### ACTIVITY
For the material that follows, return exactly the lines from the one with "0 10303 214" through the one with "W_1_PRT_PRT_PRT_PRT_PRT-3942440.PRT", both ends included.

= = = =

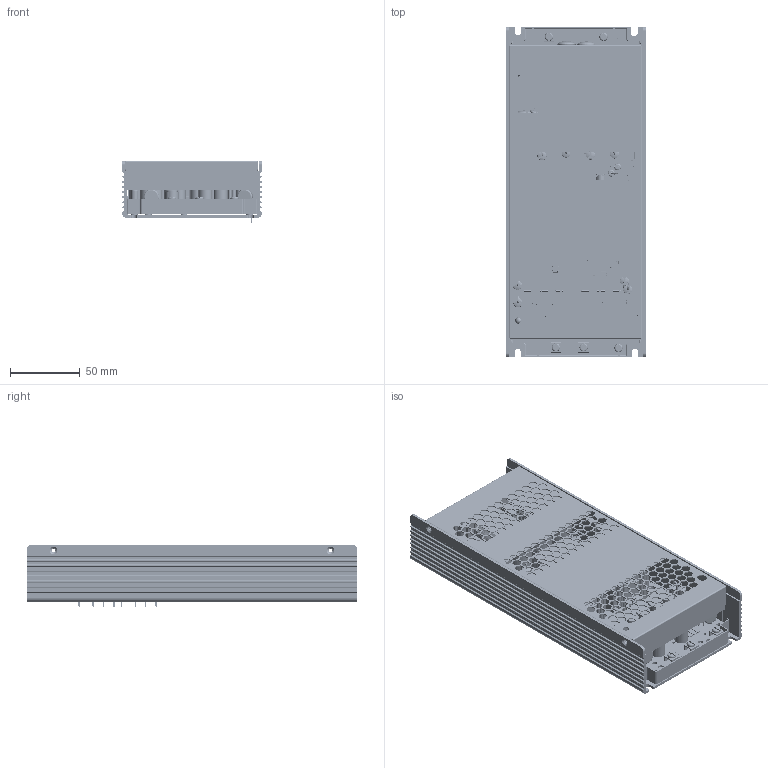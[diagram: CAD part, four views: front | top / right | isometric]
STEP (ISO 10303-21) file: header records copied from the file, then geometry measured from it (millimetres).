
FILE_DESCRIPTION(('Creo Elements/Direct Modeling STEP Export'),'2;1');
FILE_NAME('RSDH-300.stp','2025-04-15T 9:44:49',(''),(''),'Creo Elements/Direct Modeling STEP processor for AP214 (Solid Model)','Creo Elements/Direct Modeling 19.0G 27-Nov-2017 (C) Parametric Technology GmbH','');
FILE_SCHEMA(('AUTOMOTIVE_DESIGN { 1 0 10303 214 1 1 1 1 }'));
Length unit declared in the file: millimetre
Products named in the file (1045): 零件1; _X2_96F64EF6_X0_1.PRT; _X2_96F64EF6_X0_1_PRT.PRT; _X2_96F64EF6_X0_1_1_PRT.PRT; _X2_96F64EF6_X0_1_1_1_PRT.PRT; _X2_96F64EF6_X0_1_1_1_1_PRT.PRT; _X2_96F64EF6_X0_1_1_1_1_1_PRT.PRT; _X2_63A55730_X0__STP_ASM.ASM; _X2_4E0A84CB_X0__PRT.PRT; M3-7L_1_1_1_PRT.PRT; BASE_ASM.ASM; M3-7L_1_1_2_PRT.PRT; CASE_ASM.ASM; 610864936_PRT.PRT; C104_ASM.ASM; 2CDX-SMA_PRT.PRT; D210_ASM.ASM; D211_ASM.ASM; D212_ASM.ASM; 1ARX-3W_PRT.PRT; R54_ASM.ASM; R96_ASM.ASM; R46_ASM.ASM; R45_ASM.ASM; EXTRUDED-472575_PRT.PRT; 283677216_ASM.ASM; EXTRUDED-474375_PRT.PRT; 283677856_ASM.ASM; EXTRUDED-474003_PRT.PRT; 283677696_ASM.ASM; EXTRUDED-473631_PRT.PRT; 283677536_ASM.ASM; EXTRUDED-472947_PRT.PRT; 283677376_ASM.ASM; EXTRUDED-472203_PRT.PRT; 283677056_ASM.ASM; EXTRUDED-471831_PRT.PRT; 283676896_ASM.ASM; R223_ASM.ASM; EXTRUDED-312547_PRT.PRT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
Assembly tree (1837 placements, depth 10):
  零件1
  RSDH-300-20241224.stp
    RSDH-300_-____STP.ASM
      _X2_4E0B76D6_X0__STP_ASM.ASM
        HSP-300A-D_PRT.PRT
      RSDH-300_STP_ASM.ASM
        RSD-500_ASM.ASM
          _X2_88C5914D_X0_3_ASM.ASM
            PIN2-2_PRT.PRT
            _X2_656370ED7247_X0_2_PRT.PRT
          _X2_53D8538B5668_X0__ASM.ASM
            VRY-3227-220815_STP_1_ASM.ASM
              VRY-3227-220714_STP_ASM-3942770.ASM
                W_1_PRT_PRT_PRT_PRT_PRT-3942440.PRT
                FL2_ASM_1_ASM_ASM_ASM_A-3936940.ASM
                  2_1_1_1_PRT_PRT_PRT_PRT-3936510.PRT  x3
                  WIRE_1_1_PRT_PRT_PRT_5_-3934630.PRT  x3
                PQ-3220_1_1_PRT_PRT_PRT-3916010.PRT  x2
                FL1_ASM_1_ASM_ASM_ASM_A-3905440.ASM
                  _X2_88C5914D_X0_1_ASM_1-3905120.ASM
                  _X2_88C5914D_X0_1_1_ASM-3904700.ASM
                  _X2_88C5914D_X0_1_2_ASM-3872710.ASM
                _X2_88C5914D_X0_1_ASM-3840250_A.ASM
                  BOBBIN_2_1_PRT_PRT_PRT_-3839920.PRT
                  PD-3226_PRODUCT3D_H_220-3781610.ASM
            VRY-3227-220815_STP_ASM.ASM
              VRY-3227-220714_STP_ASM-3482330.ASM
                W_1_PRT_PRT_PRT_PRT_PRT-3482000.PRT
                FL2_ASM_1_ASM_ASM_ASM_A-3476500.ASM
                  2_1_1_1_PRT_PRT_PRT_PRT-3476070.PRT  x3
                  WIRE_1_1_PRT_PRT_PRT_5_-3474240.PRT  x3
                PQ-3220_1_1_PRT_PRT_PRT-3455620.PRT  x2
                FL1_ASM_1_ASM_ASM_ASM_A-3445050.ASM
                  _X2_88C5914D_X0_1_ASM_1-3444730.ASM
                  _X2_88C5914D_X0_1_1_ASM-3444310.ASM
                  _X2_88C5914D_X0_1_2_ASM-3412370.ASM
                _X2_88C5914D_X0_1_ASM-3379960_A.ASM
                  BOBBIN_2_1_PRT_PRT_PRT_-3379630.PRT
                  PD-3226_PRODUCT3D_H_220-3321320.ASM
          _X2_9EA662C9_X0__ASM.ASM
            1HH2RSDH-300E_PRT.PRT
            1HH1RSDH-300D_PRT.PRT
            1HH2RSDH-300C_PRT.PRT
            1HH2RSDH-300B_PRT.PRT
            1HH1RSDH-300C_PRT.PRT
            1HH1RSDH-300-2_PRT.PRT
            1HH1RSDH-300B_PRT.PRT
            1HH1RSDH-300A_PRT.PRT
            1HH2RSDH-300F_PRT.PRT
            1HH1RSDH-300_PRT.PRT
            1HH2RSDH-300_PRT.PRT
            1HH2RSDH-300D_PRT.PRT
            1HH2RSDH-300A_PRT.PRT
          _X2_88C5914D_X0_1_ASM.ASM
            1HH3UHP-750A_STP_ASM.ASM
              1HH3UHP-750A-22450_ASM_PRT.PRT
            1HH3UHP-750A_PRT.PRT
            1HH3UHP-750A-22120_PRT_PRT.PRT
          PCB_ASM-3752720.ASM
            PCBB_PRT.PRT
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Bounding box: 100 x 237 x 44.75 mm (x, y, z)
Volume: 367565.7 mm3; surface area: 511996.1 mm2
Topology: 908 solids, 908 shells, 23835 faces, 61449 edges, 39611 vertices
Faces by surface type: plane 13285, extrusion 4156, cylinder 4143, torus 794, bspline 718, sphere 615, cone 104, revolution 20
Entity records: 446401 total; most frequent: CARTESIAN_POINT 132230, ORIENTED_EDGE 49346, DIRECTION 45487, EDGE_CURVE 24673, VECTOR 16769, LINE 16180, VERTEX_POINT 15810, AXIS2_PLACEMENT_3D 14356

= = = =

### REPLY
FILE_SCHEMA(('AUTOMOTIVE_DESIGN { 1 0 10303 214 1 1 1 1 }'));
Length unit declared in the file: millimetre
Products named in the file (1045): 零件1; _X2_96F64EF6_X0_1.PRT; _X2_96F64EF6_X0_1_PRT.PRT; _X2_96F64EF6_X0_1_1_PRT.PRT; _X2_96F64EF6_X0_1_1_1_PRT.PRT; _X2_96F64EF6_X0_1_1_1_1_PRT.PRT; _X2_96F64EF6_X0_1_1_1_1_1_PRT.PRT; _X2_63A55730_X0__STP_ASM.ASM; _X2_4E0A84CB_X0__PRT.PRT; M3-7L_1_1_1_PRT.PRT; BASE_ASM.ASM; M3-7L_1_1_2_PRT.PRT; CASE_ASM.ASM; 610864936_PRT.PRT; C104_ASM.ASM; 2CDX-SMA_PRT.PRT; D210_ASM.ASM; D211_ASM.ASM; D212_ASM.ASM; 1ARX-3W_PRT.PRT; R54_ASM.ASM; R96_ASM.ASM; R46_ASM.ASM; R45_ASM.ASM; EXTRUDED-472575_PRT.PRT; 283677216_ASM.ASM; EXTRUDED-474375_PRT.PRT; 283677856_ASM.ASM; EXTRUDED-474003_PRT.PRT; 283677696_ASM.ASM; EXTRUDED-473631_PRT.PRT; 283677536_ASM.ASM; EXTRUDED-472947_PRT.PRT; 283677376_ASM.ASM; EXTRUDED-472203_PRT.PRT; 283677056_ASM.ASM; EXTRUDED-471831_PRT.PRT; 283676896_ASM.ASM; R223_ASM.ASM; EXTRUDED-312547_PRT.PRT
Assembly tree (1837 placements, depth 10):
  零件1
  RSDH-300-20241224.stp
    RSDH-300_-____STP.ASM
      _X2_4E0B76D6_X0__STP_ASM.ASM
        HSP-300A-D_PRT.PRT
      RSDH-300_STP_ASM.ASM
        RSD-500_ASM.ASM
          _X2_88C5914D_X0_3_ASM.ASM
            PIN2-2_PRT.PRT
            _X2_656370ED7247_X0_2_PRT.PRT
          _X2_53D8538B5668_X0__ASM.ASM
            VRY-3227-220815_STP_1_ASM.ASM
              VRY-3227-220714_STP_ASM-3942770.ASM
                W_1_PRT_PRT_PRT_PRT_PRT-3942440.PRT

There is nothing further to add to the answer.